Rational Functions

does the following function have a hole or a vertical asymptote or both? how do you know? find the y-value at that point.

y=x^2+7x+12/x^2+8x+15

I factored this out to

y = (x+3)(x+4)/(x+5)(x+3)
The x+3's cancelled out. I don't get the whole verticle and horizontal asymptote stuff, how do u know w/o using technology whether there is an asymptote and if there is a hole?

If a pair of factors cancel, then you would get a hole

in your case, there is a hole when x = -3
If you have a factor in the denominator which does not cancel, it will cause a vertical asymptote
in your case there will be a vertical asymptote at x = -5

BTW, you should use brackets when typing a function like yours
y=(x^2+7x+12)/(x^2+8x+15)
= (x+3)(x+4)/( (x+5)(x+3) )

there is a vertical asymptote if the denominator is zero and the numerator is not zero

there is a horizontal asymptote if the degree of the numerator is less than or equal to the degree of the denominator

There is a slant asymptote if the degree of the numerator is 1 more than the degree of the denominator.

I can't believe these facts were not covered in your book.

So,

y = (x+4)/(x+5) as long as x ≠ -3

If x = -3, y = 0/0 which is not defined.
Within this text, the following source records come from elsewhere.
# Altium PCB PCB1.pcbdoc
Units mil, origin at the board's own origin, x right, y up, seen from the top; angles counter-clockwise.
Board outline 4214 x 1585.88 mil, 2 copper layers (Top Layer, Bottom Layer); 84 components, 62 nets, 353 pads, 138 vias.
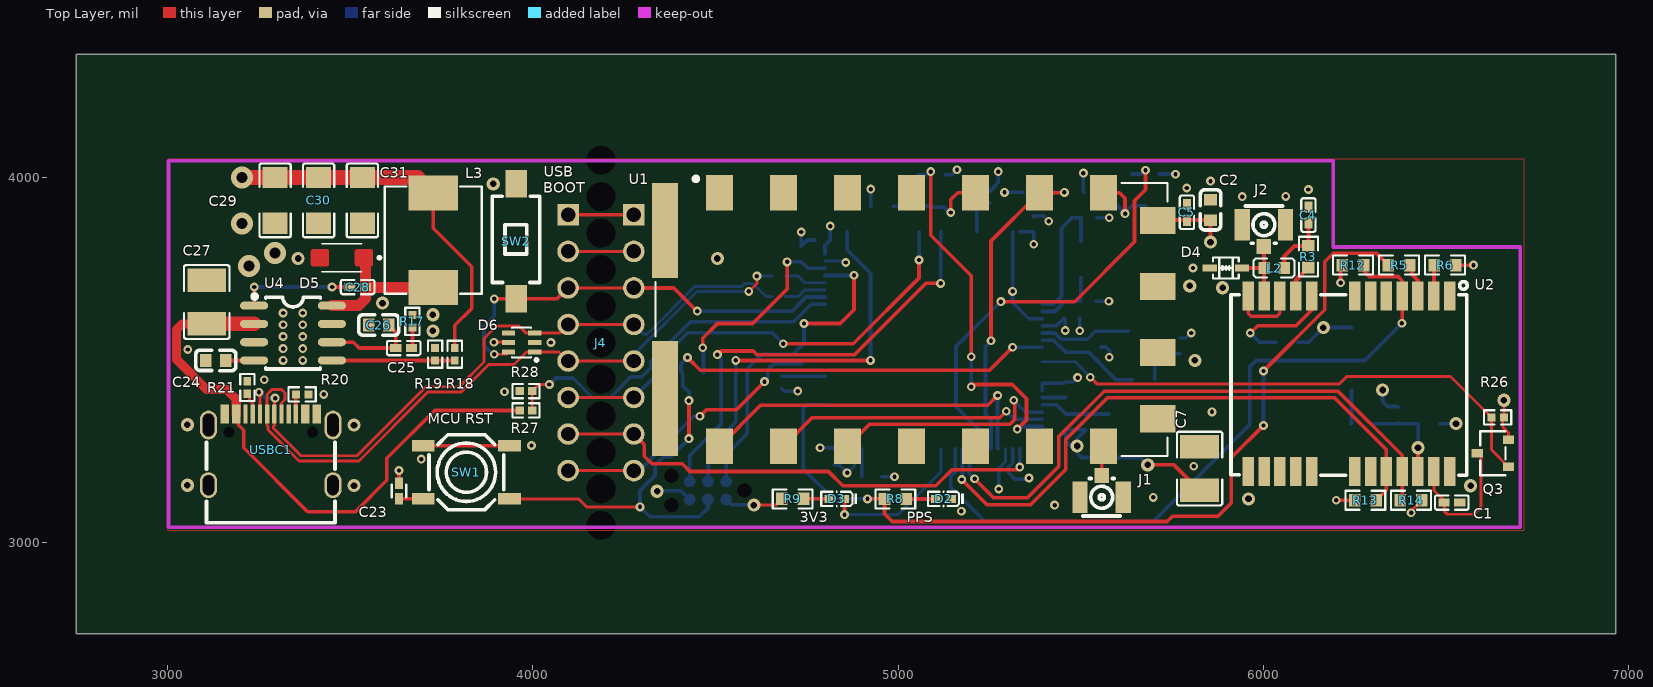
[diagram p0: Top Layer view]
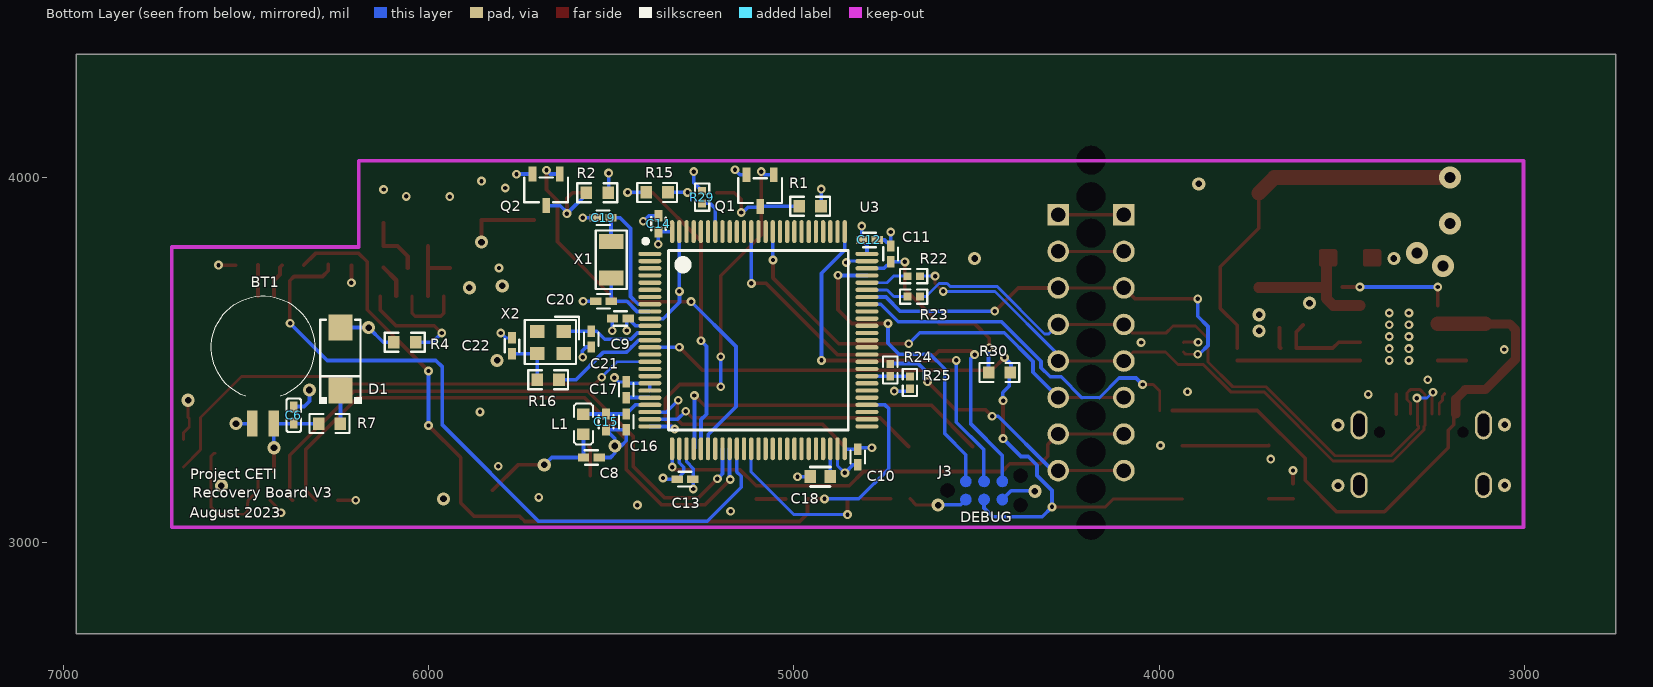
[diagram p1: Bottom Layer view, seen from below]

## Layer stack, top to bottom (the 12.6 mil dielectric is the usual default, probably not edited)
Top Layer: signal copper (thickness not stored)
Dielectric: dielectric 12.6, FR-4, Dk 4.8
Bottom Layer: signal copper (thickness not stored)

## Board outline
6964,2750 2750,2750 2750,4335.88 6964,4335.88

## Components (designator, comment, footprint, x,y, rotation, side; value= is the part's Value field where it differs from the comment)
BT1 "MS621FE-FL11E" MS621FE-FL11E 6453,3325 r180 bottom
C1 "100nF" C0402 6515.46,3109 r180 top
C2 "10uF" C0603 5855,3910 r270 top
C4 "47pF" C0402 6123,3896 r270 top
C5 "100nF" C0402 5790.46,3903.46 r270 top
C6 "1uF" C0402 6369,3348 r270 bottom
C7 "100uF" C1210 5825,3202 r90 top
C8 "100nF" C0402 5554.33,3232.25 r0 bottom
C9 "100nF" C0402 5474.79,3612.79 r180 bottom
C10 "100nF" C0402 4824.79,3233.79 r90 bottom
C11 "100nF" C0402 4734.79,3789.79 r270 bottom
C12 "100nF" C0402 4792.79,3827.79 r0 bottom
C13 "100nF" C0402 5298,3173 r180 bottom
C14 "100nF" C0402 5370.33,3872.25 r270 bottom
C15 "1uF" C0402 5513.79,3329.79 r90 bottom
C16 "10nF" C0402 5458.79,3329.79 r90 bottom
C17 "100nF" C0402 5458.79,3417.79 r270 bottom
C18 "4.7uF" C0603 4927.79,3179.79 r180 bottom
C19 "15pF" C0402 5521.79,3888.79 r180 bottom
C20 "15pF" C0402 5520.79,3659.79 r180 bottom
C21 "6pF" C0402 5554.38,3556.2 r90 bottom
C22 "6pF" C0402 5771.38,3538.2 r270 bottom
C23 "100nF" C0402 3633.16,3140.54 r270 top
C24 "CC0603KRX7R9BB822" C0603 3132,3498 r0 top
C25 "0402B102K500NT" C0402 3646,3532 r180 top
C26 "0603CG6R8C500NT" C0603 3578,3595 r0 top
C27 "GCM32ER71C226KE19L" C1210 3107,3658 r270 top
C28 "V104K0402X5R250NBT" C0402 3520,3699 r0 top
C29 "CL31A476MPHNNNE" C1206 3294,3936 r90 top
C30 "CL31A476MPHNNNE" C1206 3413,3936 r90 top
C31 "CL31A476MPHNNNE" C1206 3533,3936 r90 top
D1 "SS14L" SMA_L4.4-W2.6-LS5.0-RD 6241,3502 r90 bottom
D2 "16-213/BHC-ZL1M2B6Y/3T" LED0402-RD_BLUE 5124,3119 r180 top
D3 "16-213/SDRC/S530-A3/TR8" LED0402-RD 4831.71,3119 r180 top
D4 "LESD3Z5.0CMT1G" SOD-323_L1.8-W1.3-LS2.5-BI 5897,3751 r0 top
D5 "SS24FL" SODFL3617X108N 3477,3779 r180 top
D6 "PUSB2X4Y-N" SOT-363_L2.1-W1.3-P0.65-LS2.3-BL 3969,3547 r90 top
J1 "1909763-1" ANT-SMD_1909763-1 5557,3153 r0 top
J2 "1909763-1" ANT-SMD_1909763-1 6001,3840 r180 top
J3 "TC2030-IDC-NL" TC2030-IDC-NL 4529,3167 r180 bottom
J4 "CASTELLATION-0.05&quot;-W/-TH" "CASTELLATION-0.05\"-W/-TH" 4186.1,3946.51 r0 top
L1 "Ferrite Bead" L0603 5575.81,3323.68 r270 bottom
L2 "MPZ1608D300BTD25" L0603 6029,3751 r0 top
L3 "YSPI0730-3R3M" IND-SMD_L7.3-W6.6 3726.94,3827.18 r270 top
Q1 "DMN65D8L-7" SOT-23-3_L3.0-W1.7-P0.95-LS2.9-BR 5092,3963 r90 bottom
Q2 "DMN65D8L-7" SOT-23-3_L3.0-W1.7-P0.95-LS2.9-BR 5678,3965 r90 bottom
Q3 "SSM3J332R,LF" SOT-23F_L2.9-W1.8-P0.95-LS2.4-BR 6628,3244 r0 top
R1 "1k" R0603 4955,3920 r180 bottom
R2 "1k" R0603 5538,3957 r180 bottom
R3 "10" R0603 6123,3782 r270 top
R4 "10k" R0603 6065,3548 r0 bottom
R5 "0 Ohm" R0603 6371,3759 r180 top
R6 "75k" R0603 6497,3759 r0 top
R7 "1k" R0603 6271,3325 r180 bottom
R8 "100" R0603 4992.02,3118.75 r0 top
R9 "140" R0603 4711,3119 r0 top
R12 "75k" R0603 6245,3759 r180 top
R13 "75k" R0603 6279,3115 r180 top
R14 "75k" R0603 6404,3115 r0 top
R15 "10k" R0603 5374,3958 r180 bottom
R16 "0 Ohm" R0603 5672.38,3445.2 r180 bottom
R17 "43.2k" R0402 3670,3605 r270 top
R18 "10.2k" R0402 3786.04,3514.96 r90 top
R19 "3.24k" R0402 3732,3515 r270 top
R20 "5.1k" R0402 3368,3405 r180 top
R21 "5.1k" R0402 3218,3424 r270 top
R22 "27" R0402 4671.79,3728.79 r180 bottom
R23 "27" R0402 4671.79,3672.79 r0 bottom
R24 "10k" R0402 4735.99,3471.68 r90 bottom
R25 "4.22k" R0402 4681.99,3437.49 r90 bottom
R26 "15k" R0402 6641,3342 r0 top
R27 "42.2k" R0402 3981,3361 r180 top
R28 "82k" R0402 3981,3414 r0 top
R29 "10k" R0402 5251,3945 r270 bottom
R30 "10k" R0603 4437,3465 r180 bottom
SW1 "TS5215A 250gf" SW-SMD_4P-L5.2-W5.2-P3.70-LS6.4 3817.7,3192 r180 top
SW2 "TS-1101-C-W" SW-SMD_L6.0-W3.3-LS8.0 3954,3824 r270 top
U1 "DRA818V" DORJI_DRA818V 5036,3610 r0 top
U2 "NEO-M9N-00B" GPSM-SMD_24P-L16.0-W12.2-P1.10-BL 6234,3434 r90 top
U3 "STM32U575VGT6" LQFP-100_L14.0-W14.0-P0.50-LS16.0-BL 5096.78,3553.44 r270 bottom
U4 "TPS54331DR" SOIC-8_L5.0-W4.0-P1.27-LS6.0-BL 3343,3573 r270 top
USBC1 "TYPE-C-31-M-12" USB-C_SMD-TYPE-C-31-M-12 3282,3254 r0 top
X1 "32.768kHz" OSC-SMD_L3.2-W1.5 5499.8,3773.72 r270 bottom
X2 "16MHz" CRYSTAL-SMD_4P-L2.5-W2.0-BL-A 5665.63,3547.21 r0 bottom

There is a "hole" at (-3,1/2)

So, you should be able to figure the asymptotes present.

Visit wolframalpha.com and type in

plot (x^2+7x+12)/(x^2+8x+15)

you can play around with lots of stuff there

Revived after 9 years xD

To determine if a rational function has a hole or a vertical asymptote, you need to look for factors that cancel out in both the numerator and the denominator. In this case, you correctly factored the function as:

y = (x+3)(x+4)/(x+5)(x+3)

As you noticed, the (x+3) terms cancel out, which means there is a hole at x = -3 in the graph of the function. To find the y-value at that point, you can substitute x = -3 into the simplified function.

When x = -3:

y = (-3+3)(-3+4)/(-3+5)(-3+3)
= 0/2
= 0

So, the y-value at the hole (x = -3) is 0.

Now, to determine if there is a vertical asymptote, you need to check if there are any factors in the denominator that do not cancel out with any factors in the numerator. In this case, the factor (x+5) in the denominator does not cancel out with any factors in the numerator. Therefore, there is a vertical asymptote at x = -5.

In summary, the function has a hole at x = -3 and a vertical asymptote at x = -5. The y-value at the hole is 0.